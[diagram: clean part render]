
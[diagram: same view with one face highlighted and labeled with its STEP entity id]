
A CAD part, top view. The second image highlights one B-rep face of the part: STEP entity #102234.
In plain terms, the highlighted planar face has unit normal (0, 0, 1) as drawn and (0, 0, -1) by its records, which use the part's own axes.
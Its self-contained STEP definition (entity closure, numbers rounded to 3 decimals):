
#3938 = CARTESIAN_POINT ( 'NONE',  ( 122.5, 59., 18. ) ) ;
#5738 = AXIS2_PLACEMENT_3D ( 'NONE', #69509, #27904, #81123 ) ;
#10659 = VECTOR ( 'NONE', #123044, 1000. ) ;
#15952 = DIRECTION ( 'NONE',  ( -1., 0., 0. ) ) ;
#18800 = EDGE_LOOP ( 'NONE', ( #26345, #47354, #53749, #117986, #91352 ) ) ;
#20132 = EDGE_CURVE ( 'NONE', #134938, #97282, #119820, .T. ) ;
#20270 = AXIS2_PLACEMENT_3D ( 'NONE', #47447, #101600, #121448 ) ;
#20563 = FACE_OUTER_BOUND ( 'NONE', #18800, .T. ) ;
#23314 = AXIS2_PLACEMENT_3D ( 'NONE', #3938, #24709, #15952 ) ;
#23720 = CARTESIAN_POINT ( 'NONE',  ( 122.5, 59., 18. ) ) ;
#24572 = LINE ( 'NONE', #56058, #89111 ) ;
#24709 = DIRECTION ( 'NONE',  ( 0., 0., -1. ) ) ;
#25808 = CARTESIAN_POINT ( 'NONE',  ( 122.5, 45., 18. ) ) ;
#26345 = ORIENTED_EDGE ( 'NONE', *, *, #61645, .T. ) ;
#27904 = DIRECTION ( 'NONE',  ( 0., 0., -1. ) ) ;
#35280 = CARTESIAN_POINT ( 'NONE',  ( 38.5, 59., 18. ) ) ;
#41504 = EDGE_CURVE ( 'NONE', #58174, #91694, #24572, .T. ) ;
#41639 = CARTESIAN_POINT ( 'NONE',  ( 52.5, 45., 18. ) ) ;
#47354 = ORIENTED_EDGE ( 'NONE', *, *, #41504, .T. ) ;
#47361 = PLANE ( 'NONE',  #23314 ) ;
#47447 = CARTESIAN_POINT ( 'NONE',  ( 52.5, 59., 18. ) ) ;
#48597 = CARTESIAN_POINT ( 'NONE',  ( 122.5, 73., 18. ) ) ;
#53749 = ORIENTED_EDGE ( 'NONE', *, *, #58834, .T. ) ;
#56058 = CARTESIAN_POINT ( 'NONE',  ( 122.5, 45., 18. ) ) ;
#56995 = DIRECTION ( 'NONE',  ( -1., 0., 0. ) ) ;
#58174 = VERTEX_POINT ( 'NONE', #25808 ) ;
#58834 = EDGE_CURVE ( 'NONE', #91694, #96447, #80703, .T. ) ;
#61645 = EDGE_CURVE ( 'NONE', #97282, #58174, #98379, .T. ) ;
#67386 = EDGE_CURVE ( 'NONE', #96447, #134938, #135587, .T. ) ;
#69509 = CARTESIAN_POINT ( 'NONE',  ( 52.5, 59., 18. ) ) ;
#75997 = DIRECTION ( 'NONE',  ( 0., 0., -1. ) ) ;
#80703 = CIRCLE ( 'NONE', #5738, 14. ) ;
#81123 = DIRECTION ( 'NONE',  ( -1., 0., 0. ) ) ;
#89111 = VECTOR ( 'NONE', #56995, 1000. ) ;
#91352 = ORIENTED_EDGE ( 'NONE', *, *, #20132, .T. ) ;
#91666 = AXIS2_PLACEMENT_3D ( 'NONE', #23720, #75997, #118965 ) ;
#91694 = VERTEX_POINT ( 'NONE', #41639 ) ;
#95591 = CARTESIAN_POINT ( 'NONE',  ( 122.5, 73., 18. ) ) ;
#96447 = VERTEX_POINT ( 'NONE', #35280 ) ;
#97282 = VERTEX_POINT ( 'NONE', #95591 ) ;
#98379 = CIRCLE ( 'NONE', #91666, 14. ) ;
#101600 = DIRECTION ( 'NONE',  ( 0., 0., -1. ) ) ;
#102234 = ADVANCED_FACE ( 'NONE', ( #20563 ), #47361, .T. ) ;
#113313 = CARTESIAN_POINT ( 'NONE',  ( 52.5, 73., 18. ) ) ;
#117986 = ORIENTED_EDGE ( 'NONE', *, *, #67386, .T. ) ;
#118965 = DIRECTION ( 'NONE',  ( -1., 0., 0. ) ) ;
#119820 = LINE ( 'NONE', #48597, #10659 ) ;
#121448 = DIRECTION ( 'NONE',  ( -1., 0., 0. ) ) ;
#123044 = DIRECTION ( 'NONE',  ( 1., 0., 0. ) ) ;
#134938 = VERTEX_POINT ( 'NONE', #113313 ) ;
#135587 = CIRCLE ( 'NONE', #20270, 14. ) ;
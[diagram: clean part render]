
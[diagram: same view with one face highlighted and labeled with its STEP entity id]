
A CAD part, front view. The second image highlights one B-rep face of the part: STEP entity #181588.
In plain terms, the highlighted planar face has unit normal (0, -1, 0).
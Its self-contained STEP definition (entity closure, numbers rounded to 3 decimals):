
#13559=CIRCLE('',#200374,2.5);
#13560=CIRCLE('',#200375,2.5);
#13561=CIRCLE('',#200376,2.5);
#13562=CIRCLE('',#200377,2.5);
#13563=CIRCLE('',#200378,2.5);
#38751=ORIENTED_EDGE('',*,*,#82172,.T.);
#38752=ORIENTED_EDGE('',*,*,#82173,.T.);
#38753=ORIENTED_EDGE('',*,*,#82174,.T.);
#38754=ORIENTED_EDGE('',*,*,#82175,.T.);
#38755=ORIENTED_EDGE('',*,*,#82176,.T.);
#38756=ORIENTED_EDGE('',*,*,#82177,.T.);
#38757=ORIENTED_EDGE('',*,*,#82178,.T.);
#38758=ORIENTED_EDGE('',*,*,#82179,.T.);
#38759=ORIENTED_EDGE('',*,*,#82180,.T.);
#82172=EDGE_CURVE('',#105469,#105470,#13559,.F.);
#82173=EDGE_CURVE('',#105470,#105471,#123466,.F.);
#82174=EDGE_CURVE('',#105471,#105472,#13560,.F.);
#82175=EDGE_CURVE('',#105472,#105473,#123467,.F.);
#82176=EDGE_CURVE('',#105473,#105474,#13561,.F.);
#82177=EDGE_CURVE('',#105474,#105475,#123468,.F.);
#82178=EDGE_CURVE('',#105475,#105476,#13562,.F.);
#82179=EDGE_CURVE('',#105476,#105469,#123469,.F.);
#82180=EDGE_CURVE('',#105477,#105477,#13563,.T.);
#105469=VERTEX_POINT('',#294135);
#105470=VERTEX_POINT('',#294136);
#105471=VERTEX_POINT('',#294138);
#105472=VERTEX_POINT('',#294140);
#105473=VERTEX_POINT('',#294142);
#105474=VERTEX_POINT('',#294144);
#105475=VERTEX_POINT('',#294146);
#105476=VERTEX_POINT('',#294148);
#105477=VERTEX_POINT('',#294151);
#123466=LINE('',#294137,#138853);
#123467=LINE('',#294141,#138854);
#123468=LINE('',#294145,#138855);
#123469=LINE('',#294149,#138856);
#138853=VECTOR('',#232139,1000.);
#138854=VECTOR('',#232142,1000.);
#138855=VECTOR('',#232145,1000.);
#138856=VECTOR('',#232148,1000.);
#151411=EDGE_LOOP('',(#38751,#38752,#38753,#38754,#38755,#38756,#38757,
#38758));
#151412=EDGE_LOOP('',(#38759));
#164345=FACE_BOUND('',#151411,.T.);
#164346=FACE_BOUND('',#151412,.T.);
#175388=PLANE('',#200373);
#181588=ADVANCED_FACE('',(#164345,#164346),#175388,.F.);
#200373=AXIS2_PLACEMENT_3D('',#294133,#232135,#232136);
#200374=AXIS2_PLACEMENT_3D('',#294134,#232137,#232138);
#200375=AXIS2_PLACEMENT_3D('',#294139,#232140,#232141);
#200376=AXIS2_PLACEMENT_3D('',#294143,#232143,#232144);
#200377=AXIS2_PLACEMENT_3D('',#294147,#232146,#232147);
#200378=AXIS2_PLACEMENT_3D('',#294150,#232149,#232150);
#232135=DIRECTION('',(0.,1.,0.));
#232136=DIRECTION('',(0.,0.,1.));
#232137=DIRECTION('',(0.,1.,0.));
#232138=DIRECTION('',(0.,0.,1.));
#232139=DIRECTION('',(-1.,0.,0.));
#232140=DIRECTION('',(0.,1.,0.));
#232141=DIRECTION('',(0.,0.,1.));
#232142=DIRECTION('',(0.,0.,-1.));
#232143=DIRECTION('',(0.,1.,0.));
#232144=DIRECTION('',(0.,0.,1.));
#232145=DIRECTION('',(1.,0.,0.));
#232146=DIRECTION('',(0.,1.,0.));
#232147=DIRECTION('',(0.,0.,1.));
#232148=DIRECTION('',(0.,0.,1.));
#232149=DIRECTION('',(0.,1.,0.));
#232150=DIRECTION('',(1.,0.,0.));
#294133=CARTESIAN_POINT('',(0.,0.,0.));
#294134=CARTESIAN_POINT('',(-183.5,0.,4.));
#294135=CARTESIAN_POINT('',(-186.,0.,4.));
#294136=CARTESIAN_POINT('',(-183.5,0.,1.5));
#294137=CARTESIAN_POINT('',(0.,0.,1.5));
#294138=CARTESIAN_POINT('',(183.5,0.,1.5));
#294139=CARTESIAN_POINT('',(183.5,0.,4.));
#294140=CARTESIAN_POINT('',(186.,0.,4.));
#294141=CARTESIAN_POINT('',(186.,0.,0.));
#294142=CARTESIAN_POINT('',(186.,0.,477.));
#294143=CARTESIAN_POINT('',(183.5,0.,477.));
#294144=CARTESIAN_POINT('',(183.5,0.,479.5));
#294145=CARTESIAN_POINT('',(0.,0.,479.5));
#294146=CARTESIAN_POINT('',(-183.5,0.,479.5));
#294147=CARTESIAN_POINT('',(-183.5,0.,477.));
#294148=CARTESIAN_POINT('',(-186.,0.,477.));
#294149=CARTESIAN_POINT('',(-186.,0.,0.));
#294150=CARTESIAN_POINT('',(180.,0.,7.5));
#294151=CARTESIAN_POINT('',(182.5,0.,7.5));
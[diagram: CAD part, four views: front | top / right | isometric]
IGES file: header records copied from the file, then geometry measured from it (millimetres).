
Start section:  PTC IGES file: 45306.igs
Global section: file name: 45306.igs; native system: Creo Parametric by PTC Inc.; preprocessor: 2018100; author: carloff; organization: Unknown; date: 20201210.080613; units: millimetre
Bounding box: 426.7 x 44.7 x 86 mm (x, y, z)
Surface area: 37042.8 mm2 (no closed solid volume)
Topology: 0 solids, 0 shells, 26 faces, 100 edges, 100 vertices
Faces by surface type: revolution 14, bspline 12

### What you need to do
Each line above with the string "part" in it should be located and copied.

### Written solution
[diagram: clean part render]
A CAD part, top view. The second image highlights one B-rep face of the part: STEP entity #102234.
In plain terms, the highlighted planar face has unit normal (0, 0, 1) as drawn and (0, 0, -1) by its records, which use the part's own axes.
[diagram: clean part render]
A CAD part, front view. The second image highlights one B-rep face of the part: STEP entity #181588.
[diagram: CAD part, four views: front | top / right | isometric]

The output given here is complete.